小廝們在樓下倒好了熱水,小婢去請了江楨先洗。
「奴婢伺候二爺沐浴。」小婢脆生生的道。
江楨脫了外衣,甩給馬三三拿著。「叫小馬來做就好。」他不習慣婢女伺候洗澡。
「二爺莫非嫌棄小綠粗手笨腳的,做不好事情?」小婢眼裡頓時生出一層水汽。
「不是,你莫想太多了。」江楨皺眉。小綠見他略有不悅,乖巧的走了出去。
馬三三暗中咋舌,這位新主子脾氣看來不大好。
澡盆很大,木板用桐油泡得發亮,外面用紅銅圈箍了,旁邊有小凳供上下。房內另有一張小几,几上擺了幾隻竹編小筐子,盛著泰西香皂、玫瑰花瓣和法蘭西花露水,又有個大肚細頸玻璃瓶子,裝了半瓶子青色細鹽。
江楨好奇,問道:「那是什麼?」指著玻璃瓶子。
「那叫做『浴鹽』,是西洋一個叫什麼義大利國的產的,四爺送過來一瓶,說是擦身泡澡,都是頂好的。」
「四公子很喜歡這些個西洋新鮮玩意啊。拿來給我用。」他赤精著身子,拿過浴鹽倒在掌心,口中卻呼:「哎呀。」浴鹽細緻,一不留神倒了太多下去。

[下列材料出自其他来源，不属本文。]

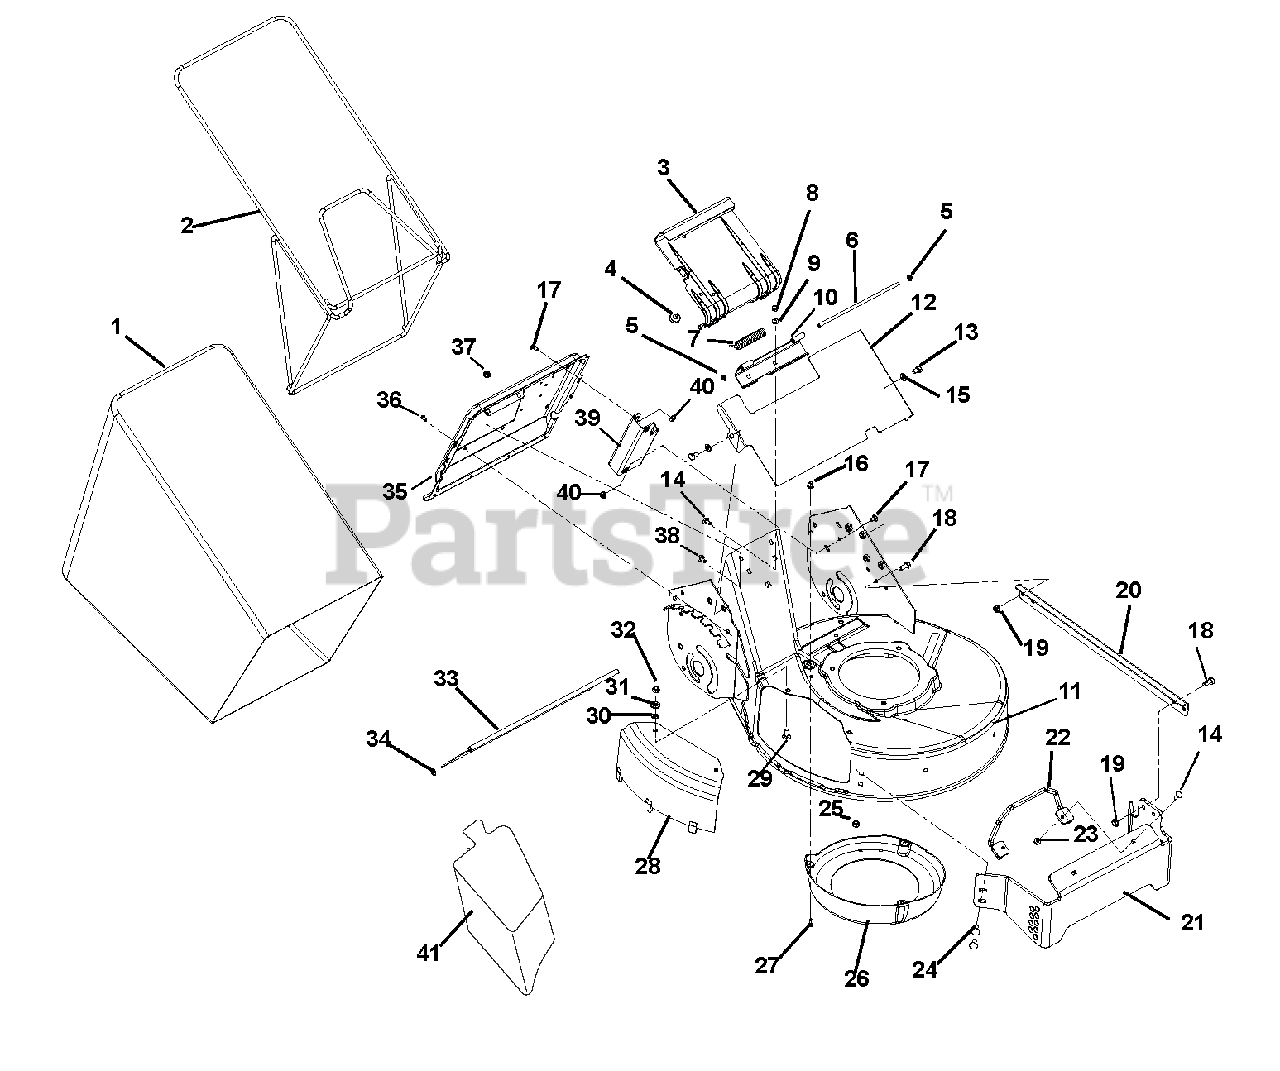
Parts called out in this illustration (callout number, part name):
1	BAG, CONSUMER BLACK 15 OZ/YD2
2	FRAME, WBLM BAGGER
3	CATCHER PLATE DOOR
4	BUTTON BUMPER
5	PUSH NUT, .25
6	DOOR PIN
7	SG-TORS .120X.68X3.09
8	@NUT-HEX .25-20 YWZC
9	WSHR-LK .250X.077 HVY YWZC
10	HINGE BASE
11	CHASSIS,PRO 21 XD
12	COVER
13	@SCR-TAP .25-20X.37 HWH YWZ TR
14	@BLT-RDHDSQNK .25-20X.75 G5YZ
15	@WSHR-LK .31X.078 REG YWZC
16	PLASTIC GROMMET
17	@BLT-RDHDSQNK .25-20X.50 G5YZ
18	@BLT-HEX .31-18X.75 GR5 YWZC
19	@NUT-LK-TOP-FLG .31-18 YWZC
20	ANGLE-SUPPORT
21	BUMPER,PRO 21"
22	ANGLE-SUPPORT
23	@NUT-LK-TOP-FLG .25-20 YWZC
24	@BLT-RDHDSQNK .31-18X.75 G5YZ
25	@NUT-SPNLK-FLG .312-18 YWZC
26	CENTER BAFFLE
27	SCR-TAP 10-16X.62 SLPH AB YWZC
28	COVER, SIDE DISCHARGE
29	BLT-RDHDSQSHK.31-18X.75 GR2 YW
30	NUT-PUSH .312
31	@WSHR-FL-STL.406X.812X.065 YWZ
32	@NUT-LK-NYL .312-18 YWZC
33	TRAILING SHIELD
34	NUT-PUSH .312
35	CATCHER PLATE
36	SCR-TAP 10-24X.375 TORX PHD YZ
37	@NUT-SPNLK-FLG .25-20 YWZC
38	@BLT-RDHDSQNK .25-20X.50 G5YZ
39	BKT,BAGGER SUPPORT
40	@NUT-SPNLK-FLG .25-20 YWZC
41	MULCH MASTER MULCHER ACCESSORY

「四爺極聰明,別人要從西洋人那裡買,都要老多銀子了,四爺會說番邦話,好些東西不花錢就得了來。」馬三三甚為得意。
第二天天不亮,小綠便在門外道:「小姐,該起了。」叫了幾聲,寶芝披了睡袍探頭道:「今日怎的這麼早叫起?」
小綠低聲道:「睡睡說四爺今早要見江二爺。」遞過一套朱府僕人衣服。寶芝拿了衣服回到床前,將帳鉤子勾起來,江楨半夢半醒,一手攬過寶芝,親了個嘴兒,道:「還早呢。」
「快起來罷,四爺今早要見你。」寶芝紅著臉,伺候他穿衣。
小綠捧了熱水進來,又拿了擦牙的青鹽,伺候著他洗了臉,擦了牙。寶芝將他髮髻散開,用香膏抹了,重新綰起來,戴上黑絲網巾,再繫上僕人的青布方巾。